Entries taken from a collection
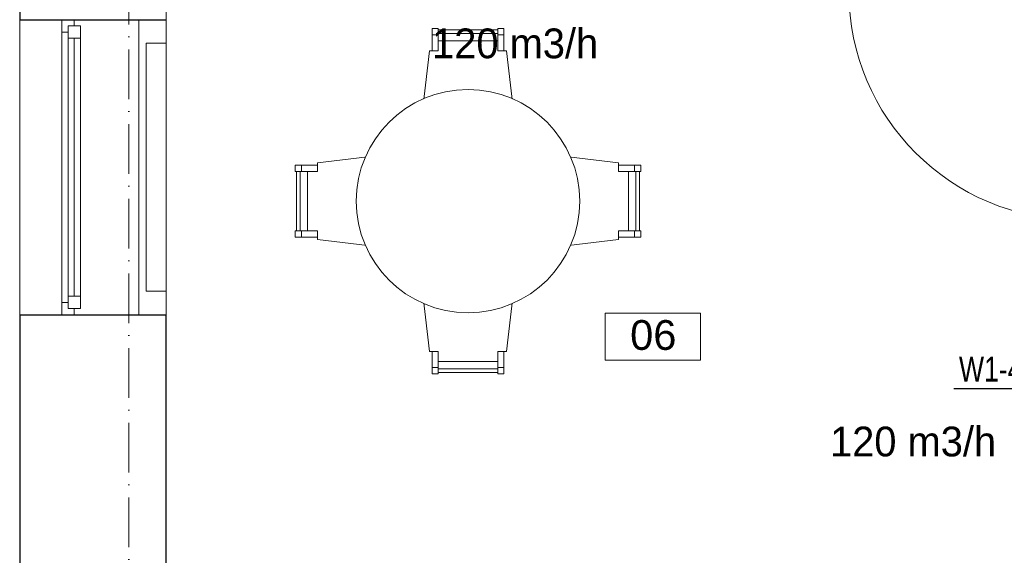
# Model space of a CAD drawing. Header units: millimetres. Extents: x 1700 to 4670, y 990 to 3874.
# Tile 3 of 110: x 2026 to 2422, y 1416 to 1632. Entities that reach past the tile are written whole.
import ezdxf
from ezdxf.enums import TextEntityAlignment as Align

# ---------------------------------------------------------------- set-up
doc = ezdxf.new("R2010")
doc.units = ezdxf.units.MM
for name, pattern in [('CENTER', [0.55, 0.37, -0.06, 0.06, -0.06]), ('Kropki i Kreski', [300, 200, -50, 0, -50]), ('Przerywana gęsta', [180, 120, -60]), ('Wipeout_Contour', [1000, 0, -1000])]:
    doc.linetypes.add(name, pattern=pattern)
doc.layers.get('0').update_dxf_attribs({"lineweight": 0})
for name, color, linetype in [('Nowe_210-A Pomieszczenia', 7, 'Continuous'), ('Nowe_320-W Umeblowanie', 252, 'Continuous'), ('Nowe_420-K Ściany', 7, 'Continuous'), ('Nowe_Okna Archicada', 7, 'Continuous'), ('opisy mt', 7, 'Continuous'), ('WEN_N1-_ATRYBUT', 7, 'Continuous'), ('WEN_N1-_OSIE', 2, 'CENTER')]:
    doc.layers.add(name, color=color, linetype=linetype)
for name, color, linetype, lineweight in [('Nowe_320-W Umeblowanie_Nr_pióra__15', 7, 'Continuous', 15), ('Nowe_320-W Umeblowanie_Nr_pióra__4', 252, 'Continuous', 13), ('Nowe_410-K Osie_Nr_pióra__18', 9, 'Continuous', 13), ('Nowe_420-K Ściany_Nr_pióra__27', 7, 'Continuous', 25), ('Nowe_Drzwi Archicad_Nr_pióra__3', 7, 'Continuous', 13), ('Nowe_Metryczki pomieszczeń Archicada_Nr_pióra__6', 7, 'Continuous', 13), ('Nowe_Okna Archicada_Nr_pióra__23', 7, 'Continuous', 15), ('Nowe_Okna Archicada_Nr_pióra__27', 7, 'Continuous', 25), ('Nowe_Okna Archicada_Nr_pióra__3', 7, 'Continuous', 13), ('WEN_W1-_ZLICZAC', 10, 'Continuous', 40)]:
    doc.layers.add(name, color=color, linetype=linetype, lineweight=lineweight)
doc.styles.add('STYL_AUTOMATYCZNY_1', font='txt')
doc.styles.add('STYL_WENTYLE', font='txt', dxfattribs={"width": 0.8})

# ---------------------------------------------------------------- blocks, each defined once
blk = doc.blocks.new('Pom.biurowe_izolatka_06_1_1', base_point=(3251.9, -13566.2))
at = {"color": 254, "linetype": 'Wipeout_Contour', "lineweight": 0, "ltscale": 55807.006946}
blk.add_wipeout([(3060.4, -13471.9), (3060.4, -13660.5), (3443.5, -13660.5), (3443.5, -13471.9)], dxfattribs=at).dxf.layer = 'Nowe_210-A Pomieszczenia'
at = {"layer": 'Nowe_Metryczki pomieszczeń Archicada_Nr_pióra__6', "color": 7, "linetype": 'Continuous', "lineweight": 13}
for p, q in [((3060.4, -13471.9), (3443.5, -13471.9)), ((3060.4, -13660.5), (3060.4, -13471.9)), ((3443.5, -13471.9), (3443.5, -13660.5)), ((3443.5, -13660.5), (3060.4, -13660.5))]:
    blk.add_line(p, q, dxfattribs=at)
at = {"layer": 'Nowe_Metryczki pomieszczeń Archicada_Nr_pióra__6', "color": 7, "lineweight": 13, "insert": (3160.4, -13499.3), "char_height": 120, "attachment_point": 1, "style": 'STYL_AUTOMATYCZNY_1'}
blk.add_mtext('\\A1;{\\pql;\\pt0,500;\\fArial|b0|i0|c238|p0;\\W1.000000;06\\fArial|b0|i0|c238|p0;\\W1.000000;\\A1{\\H.66x;\\S^  ;}\\fArial|b0|i0|c238|p0;\\W1.000000;\\fArial|b0|i0|c238|p0;\\W1.000000;\\A1{\\H.66x;\\S^  ;}}', dxfattribs=at)
blk = doc.blocks.new('KIRML-150-C_11')
for p, q in [((-5.05, 47.47), (-5.05, -6)), ((5.05, 47.47), (5.05, -6)), ((-54.54, 20.2), (-5.05, 20.2)), ((54.54, 20.2), (5.05, 20.2)), ((-80.8, -12), (-40.4, -12)), ((80.8, -12), (40.4, -12))]:
    blk.add_line(p, q)
for points in [[(-68.68, 16.16), (-56.56, 24.24), (-56.56, 40.4, -0.4142136), (-40.4, 56.56), (40.4, 56.56, -0.4142136), (56.56, 40.4), (56.56, 24.24), (68.68, 16.16)], [(-101, 0, 0.3074541), (-80.8, -12, 0.238587), (-54.54, 20.2, 0.238587)], [(101, 0, -0.3074541), (80.8, -12, -0.238587), (54.54, 20.2, -0.238587)]]:
    blk.add_lwpolyline(points, format="xyb")
for points in [[(-9.09, 56.56), (-9.09, 47.47), (9.09, 47.47), (9.09, 56.56)], [(-5.05, 56.56), (-5.05, 65.65), (5.05, 65.65), (5.05, 56.56)], [(-90.9, 0), (-75, 0), (-75, 30), (-58.58, 30)], [(90.9, 0), (75, 0), (75, 30), (58.58, 30)]]:
    blk.add_lwpolyline(points)
blk.add_lwpolyline([(60.6, -30.3), (-60.6, -30.3, 0.1189811), (-20.2, -12.12, -0.3029703), (20.2, -12.12, 0.1189811), (60.6, -30.3)], format="xyb", close=True)
for p in [(0, 0), (0, -40.4)]:
    blk.add_point(p)
at = {"layer": 'WEN_N1-_OSIE'}
for p, q in [((0, 80.8), (0, -40.4)), ((-8.4, 0), (8.4, 0))]:
    blk.add_line(p, q, dxfattribs=at)
at = {"layer": 'WEN_N1-_ATRYBUT', "style": 'STYL_WENTYLE', "width": 0.8, "flags": 8}
blk.add_attdef('WENTYLE', text='', height=100, dxfattribs=at).set_placement((0, 0), align=Align.BOTTOM_LEFT)

msp = doc.modelspace()

# ---------------------------------------------------------------- linework, layer by layer
at = {"layer": 'Nowe_210-A Pomieszczenia', "color": 252, "linetype": 'Continuous', "lineweight": 0, "flags": 128}
msp.add_lwpolyline([(2451.79, 1209.17), (2451.79, 1659.17), (2084.79, 1658.91), (2084.79, 1658.91), (2084.79, 1208.91)], close=True, dxfattribs=at)
at = {"layer": 'Nowe_420-K Ściany', "color": 252, "linetype": 'Wipeout_Contour', "lineweight": 0, "ltscale": 58362.161969}
for p, q in [((2025.79, 1512.91), (2025.79, 1208.87)), ((2084.79, 1512.91), (2025.79, 1512.91)), ((2084.79, 1208.91), (2084.79, 1512.91))]:
    msp.add_line(p, q, dxfattribs=at)
at = {"layer": 'Nowe_420-K Ściany_Nr_pióra__27', "color": 252, "linetype": 'Continuous', "lineweight": 25, "flags": 128}
msp.add_lwpolyline([(2084.79, 1208.91), (2084.79, 1512.91)], dxfattribs=at)
at = {"layer": 'Nowe_Drzwi Archicad_Nr_pióra__3', "color": 252, "linetype": 'Continuous', "lineweight": 13}
msp.add_arc((2451.79, 1643.18), 92, 180, 270, dxfattribs=at)
at = {"layer": 'WEN_N1-_ATRYBUT'}
msp.add_lwpolyline([(2446.39, 1474.82), (2444.97, 1474.08), (2450.54, 1466.83), (2447.81, 1475.56), (2446.39, 1474.82), (2442.11, 1483.03), (2402.11, 1483.03)], dxfattribs=at)

# ---------------------------------------------------------------- block references
at = {"layer": 'WEN_W1-_ZLICZAC'}
ref = msp.add_blockref('KIRML-150-C_11', (2451.79, 1461.23), dxfattribs=dict(at, xscale=0.1, yscale=0.1, zscale=0.1, rotation=269.9999999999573))
ref.add_attrib('WENTYLE', 'W1-42', dxfattribs={"layer": 'WEN_N1-_ATRYBUT', "height": 10, "style": 'STYL_WENTYLE', "width": 0.8, "flags": 8}).set_placement((2404.11, 1483.03), align=Align.BOTTOM_LEFT)

# ---------------------------------------------------------------- texts
at = {"layer": 'opisy mt', "linetype": 'Continuous', "lineweight": 18, "insert": (2352.17, 1467.84), "char_height": 12, "width": 136.5578, "attachment_point": 1}
msp.add_mtext('120 m3/h', dxfattribs=at)

# ---------------------------------------------------------------- next in the draw order: block references
at = {"layer": 'Nowe_210-A Pomieszczenia', "color": 252, "linetype": 'Continuous', "lineweight": 13, "xscale": 0.1, "yscale": 0.1, "zscale": 0.1}
msp.add_blockref('Pom.biurowe_izolatka_06_1_1', (2280.81, 1504.1), dxfattribs=at)

# ---------------------------------------------------------------- next in the draw order: wipeouts: each hides what was drawn before it
at = {"color": 252, "linetype": 'Wipeout_Contour', "lineweight": 0, "ltscale": 49923.679197}
msp.add_wipeout([(2076.79, 1522.41), (2084.79, 1522.41), (2084.79, 1622.41), (2076.79, 1622.41)], dxfattribs=at).dxf.layer = 'Nowe_320-W Umeblowanie'
at = {"color": 252, "linetype": 'Wipeout_Contour', "lineweight": 0, "ltscale": 97728.427768}
msp.add_wipeout([(2186.36, 1581.35), (2226.36, 1581.35), (2221.83, 1619.35), (2218.32, 1619.35), (2218.32, 1623.35), (2194.39, 1623.35), (2194.39, 1619.35), (2190.88, 1619.35)], dxfattribs=at).dxf.layer = 'Nowe_320-W Umeblowanie'
at = {"color": 252, "linetype": 'Wipeout_Contour', "lineweight": 0, "ltscale": 101360.107218}
msp.add_wipeout([(2183.76, 1538.75), (2183.76, 1578.75), (2145.76, 1574.23), (2145.76, 1570.72), (2141.76, 1570.72), (2141.76, 1546.78), (2145.76, 1546.78), (2145.76, 1543.28)], dxfattribs=at).dxf.layer = 'Nowe_320-W Umeblowanie'
at = {"color": 252, "linetype": 'Wipeout_Contour', "lineweight": 0, "ltscale": 102521.270731}
msp.add_wipeout([(2228.96, 1578.75), (2228.96, 1538.75), (2266.96, 1543.28), (2266.96, 1546.78), (2270.96, 1546.78), (2270.96, 1570.72), (2266.96, 1570.72), (2266.96, 1574.23)], dxfattribs=at).dxf.layer = 'Nowe_320-W Umeblowanie'
at = {"color": 252, "linetype": 'Wipeout_Contour', "lineweight": 0, "ltscale": 105985.555771}
msp.add_wipeout([(2226.36, 1536.15), (2186.36, 1536.15), (2190.88, 1498.15), (2194.39, 1498.15), (2194.39, 1494.15), (2218.32, 1494.15), (2218.32, 1498.15), (2221.83, 1498.15)], dxfattribs=at).dxf.layer = 'Nowe_320-W Umeblowanie'
at = {"color": 252, "linetype": 'Wipeout_Contour', "lineweight": 0, "ltscale": 49881.648463}
msp.add_wipeout([(2025.79, 1631.91), (2025.79, 1512.91), (2042.79, 1512.91), (2042.79, 1631.91)], dxfattribs=at).dxf.layer = 'Nowe_420-K Ściany'

# ---------------------------------------------------------------- next in the draw order: linework, layer by layer
at = {"layer": 'Nowe_320-W Umeblowanie_Nr_pióra__15', "color": 252, "linetype": 'Przerywana gęsta', "lineweight": 15}
for p, q in [((2076.79, 1522.41), (2076.79, 1622.41)), ((2076.79, 1622.41), (2084.79, 1622.41)), ((2084.79, 1622.41), (2084.79, 1522.41)), ((2084.79, 1522.41), (2076.79, 1522.41))]:
    msp.add_line(p, q, dxfattribs=at)
at = {"layer": 'Nowe_320-W Umeblowanie_Nr_pióra__4', "color": 252, "linetype": 'Continuous', "lineweight": 13, "flags": 128}
for points in [[(2186.36, 1581.35), (2226.36, 1581.35), (2221.83, 1619.35), (2218.32, 1619.35), (2218.32, 1623.35), (2194.39, 1623.35), (2194.39, 1619.35), (2190.88, 1619.35)], [(2183.76, 1538.75), (2183.76, 1578.75), (2145.76, 1574.23), (2145.76, 1570.72), (2141.76, 1570.72), (2141.76, 1546.78), (2145.76, 1546.78), (2145.76, 1543.28)], [(2228.96, 1578.75), (2228.96, 1538.75), (2266.96, 1543.28), (2266.96, 1546.78), (2270.96, 1546.78), (2270.96, 1570.72), (2266.96, 1570.72), (2266.96, 1574.23)], [(2226.36, 1536.15), (2186.36, 1536.15), (2190.88, 1498.15), (2194.39, 1498.15), (2194.39, 1494.15), (2218.32, 1494.15), (2218.32, 1498.15), (2221.83, 1498.15)]]:
    msp.add_lwpolyline(points, close=True, dxfattribs=at)
at = {"layer": 'Nowe_420-K Ściany_Nr_pióra__27', "color": 252, "linetype": 'Continuous', "lineweight": 25, "flags": 128}
for points in [[(2025.79, 1658.91), (2025.79, 1631.91)], [(2025.79, 1512.91), (2025.79, 1149.87)]]:
    msp.add_lwpolyline(points, dxfattribs=at)
at = {"layer": 'Nowe_Okna Archicada_Nr_pióra__3', "color": 252, "linetype": 'Continuous', "lineweight": 13}
msp.add_line((2025.79, 1512.91), (2025.79, 1631.91), dxfattribs=at)

# ---------------------------------------------------------------- next in the draw order: wipeouts: each hides what was drawn before it
at = {"color": 252, "linetype": 'Wipeout_Contour', "lineweight": 0, "ltscale": 74840.754325}
msp.add_wipeout([(2042.79, 1631.91), (2042.79, 1512.91), (2047.79, 1512.91), (2073.79, 1512.91), (2073.79, 1631.91), (2047.79, 1631.91)], dxfattribs=at).dxf.layer = 'Nowe_420-K Ściany'

# ---------------------------------------------------------------- next in the draw order: linework, layer by layer
at = {"layer": 'Nowe_410-K Osie_Nr_pióra__18', "color": 9, "linetype": 'Kropki i Kreski', "lineweight": 13, "ltscale": 0.1}
msp.add_line((2069.79, 3004.46), (2069.79, 1094.35), dxfattribs=at)
at = {"layer": 'Nowe_420-K Ściany_Nr_pióra__27', "color": 252, "linetype": 'Continuous', "lineweight": 25}
for p, q in [((2025.79, 1631.91), (2042.79, 1631.91)), ((2042.79, 1631.91), (2047.79, 1631.91)), ((2047.79, 1631.91), (2084.79, 1631.91)), ((2025.79, 1512.91), (2042.79, 1512.91)), ((2042.79, 1512.91), (2047.79, 1512.91)), ((2047.79, 1512.91), (2084.79, 1512.91))]:
    msp.add_line(p, q, dxfattribs=at)
at = {"layer": 'Nowe_Okna Archicada_Nr_pióra__3', "color": 252, "linetype": 'Continuous', "lineweight": 13}
msp.add_line((2073.79, 1512.91), (2073.79, 1631.91), dxfattribs=at)

# ---------------------------------------------------------------- next in the draw order: wipeouts: each hides what was drawn before it
at = {"color": 252, "linetype": 'Wipeout_Contour', "lineweight": 0, "ltscale": 48271.994683}
msp.add_wipeout([(2191.89, 1619.35), (2194.39, 1619.35), (2194.39, 1628.35), (2191.89, 1628.35)], dxfattribs=at).dxf.layer = 'Nowe_320-W Umeblowanie'
at = {"color": 252, "linetype": 'Wipeout_Contour', "lineweight": 0, "ltscale": 48427.352515}
msp.add_wipeout([(2220.82, 1619.35), (2220.82, 1628.35), (2218.32, 1628.35), (2218.32, 1619.35)], dxfattribs=at).dxf.layer = 'Nowe_320-W Umeblowanie'
at = {"color": 252, "linetype": 'Wipeout_Contour', "lineweight": 0, "ltscale": 407534.302328}
msp.add_wipeout([(2251.36, 1558.75), (2251.36, 1558.75), (2250.23, 1568.76), (2246.9, 1578.28), (2241.54, 1586.81), (2234.41, 1593.93), (2225.88, 1599.29), (2216.37, 1602.62), (2206.36, 1603.75), (2196.34, 1602.62), (2186.83, 1599.29), (2178.3, 1593.93), (2171.17, 1586.81), (2165.81, 1578.28), (2162.48, 1568.76), (2161.36, 1558.75), (2161.36, 1558.75), (2161.36, 1558.75), (2162.48, 1548.74), (2165.81, 1539.23), (2171.17, 1530.69), (2178.3, 1523.57), (2186.83, 1518.21), (2196.34, 1514.88), (2206.36, 1513.75), (2216.37, 1514.88), (2225.88, 1518.21), (2234.41, 1523.57), (2241.54, 1530.69), (2246.9, 1539.23), (2250.23, 1548.74)], dxfattribs=at).dxf.layer = 'Nowe_320-W Umeblowanie'
at = {"color": 252, "linetype": 'Wipeout_Contour', "lineweight": 0, "ltscale": 50100.184253}
msp.add_wipeout([(2145.76, 1573.22), (2136.76, 1573.22), (2136.76, 1570.72), (2145.76, 1570.72)], dxfattribs=at).dxf.layer = 'Nowe_320-W Umeblowanie'
at = {"color": 252, "linetype": 'Wipeout_Contour', "lineweight": 0, "ltscale": 50833.164126}
msp.add_wipeout([(2266.96, 1573.22), (2266.96, 1570.72), (2275.96, 1570.72), (2275.96, 1573.22)], dxfattribs=at).dxf.layer = 'Nowe_320-W Umeblowanie'
at = {"color": 252, "linetype": 'Wipeout_Contour', "lineweight": 0, "ltscale": 51153.523974}
msp.add_wipeout([(2145.76, 1544.28), (2145.76, 1546.78), (2136.76, 1546.78), (2136.76, 1544.28)], dxfattribs=at).dxf.layer = 'Nowe_320-W Umeblowanie'
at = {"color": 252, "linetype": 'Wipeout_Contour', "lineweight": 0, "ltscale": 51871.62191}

* **YOUR GOAL**
Please transcribe, word for word, every line from the first line of the records above through the line containing "doc.units = ezdxf.units.MM", and leave out any pictures.

* **RESPONSE BOX**
# Model space of a CAD drawing. Header units: millimetres. Extents: x 1700 to 4670, y 990 to 3874.
# Tile 3 of 110: x 2026 to 2422, y 1416 to 1632. Entities that reach past the tile are written whole.
import ezdxf
from ezdxf.enums import TextEntityAlignment as Align

# ---------------------------------------------------------------- set-up
doc = ezdxf.new("R2010")
doc.units = ezdxf.units.MM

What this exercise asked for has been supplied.